One of the most important factors in being successful in any sport is the ability to make split-second decisions with an almost immediate response time.  As the human brain’s neurological ability starts deteriorating around the age of 24 years old, though, so do those rapid-fire twitch reflexes. In turn, unlike most professional athletes who can sometimes play into their 40’s, professional gamers’ careers are relatively quite short lived. In order to catch gamers in their prime, according to the National Association of Collegiate eSports, some colleges are offering scholarships to gifted players. As these universities jump onto the bandwagon, they have started creating their own varsity teams to play competitively just as other student-athlete counterparts do for traditional sports.

Larger entities have noticed this trend as well. As the sport grows, massive corporations have started lining up players to represent them on the professional competition.

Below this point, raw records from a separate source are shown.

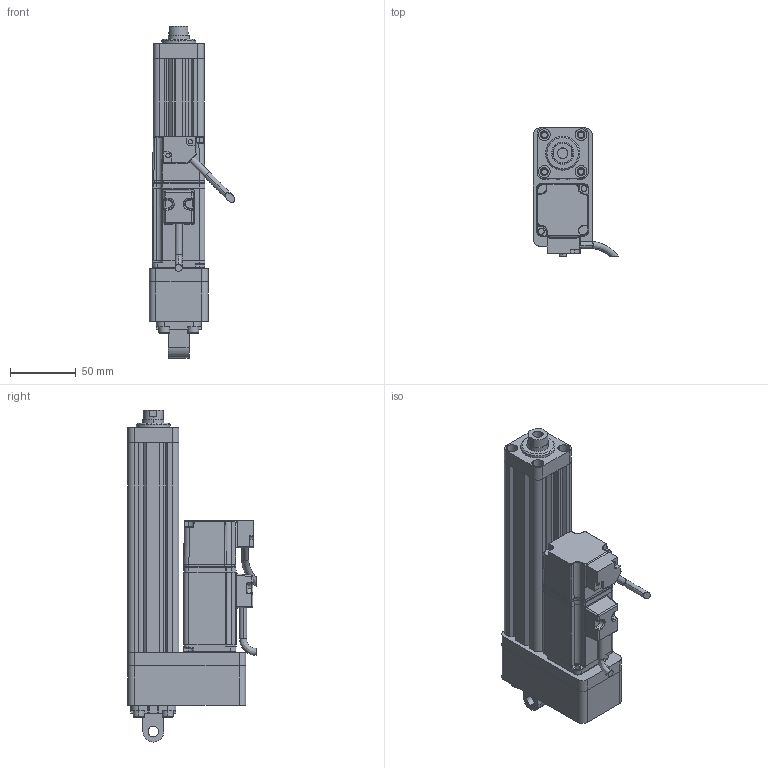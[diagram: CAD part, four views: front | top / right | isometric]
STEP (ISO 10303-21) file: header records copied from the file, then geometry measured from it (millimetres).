
FILE_DESCRIPTION (( 'STEP AP214' ), '1' );
FILE_NAME ('039-S100-D02-B-M5-C2-2.STEP', '2021-03-02T05:04:48', ( '' ), ( '' ), 'SwSTEP 2.0', 'SolidWorks 2018', '' );
FILE_SCHEMA (( 'AUTOMOTIVE_DESIGN' ));
Length unit declared in the file: millimetre
Products named in the file (8): CMC039-LJB; CMC039-GT; CMC039-FL; 039-S100-D02-B-M5-C2-2; ECMA-CX0401ES-40框號系列機種-100W低慣量系列; F-ACE20CA_ACE_; CMC039-HXT; CMC039-DT
Assembly tree (7 placements, depth 2):
  039-S100-D02-B-M5-C2-2
    CMC039-GT
    CMC039-LJB
    CMC039-FL
    CMC039-DT
    ECMA-CX0401ES-40框號系列機種-100W低慣量系列
    CMC039-HXT
    F-ACE20CA_ACE_
Bounding box: 65.34 x 97.89 x 253 mm (x, y, z)
Volume: 424106.4 mm3; surface area: 132414 mm2
Topology: 7 solids, 15 shells, 762 faces, 1992 edges, 1249 vertices
Faces by surface type: cylinder 321, plane 302, bspline 92, cone 47
Entity records: 29754 total; most frequent: CARTESIAN_POINT 11639, ORIENTED_EDGE 3918, DIRECTION 3319, EDGE_CURVE 1959, VERTEX_POINT 1249, AXIS2_PLACEMENT_3D 1176, LINE 967, VECTOR 967

Several NBA, NHL, NFL, and MLS teams have gone so far as to draft gamers to play the respective sport’s video game equivalent. Many of these leagues, as well as car brands and other organizations, own their own teams to compete on the international level. To add to this level of recognition, countries around the world are even offering athlete visas to these gamers so they can travel and practice with their teams.

Regardless of the popular opinion of gaming, eSports is an unstoppable force that has been gaining momentum for almost 40 years. With new technological advances happening every day, we can only imagine where this industry and sport will go in the future.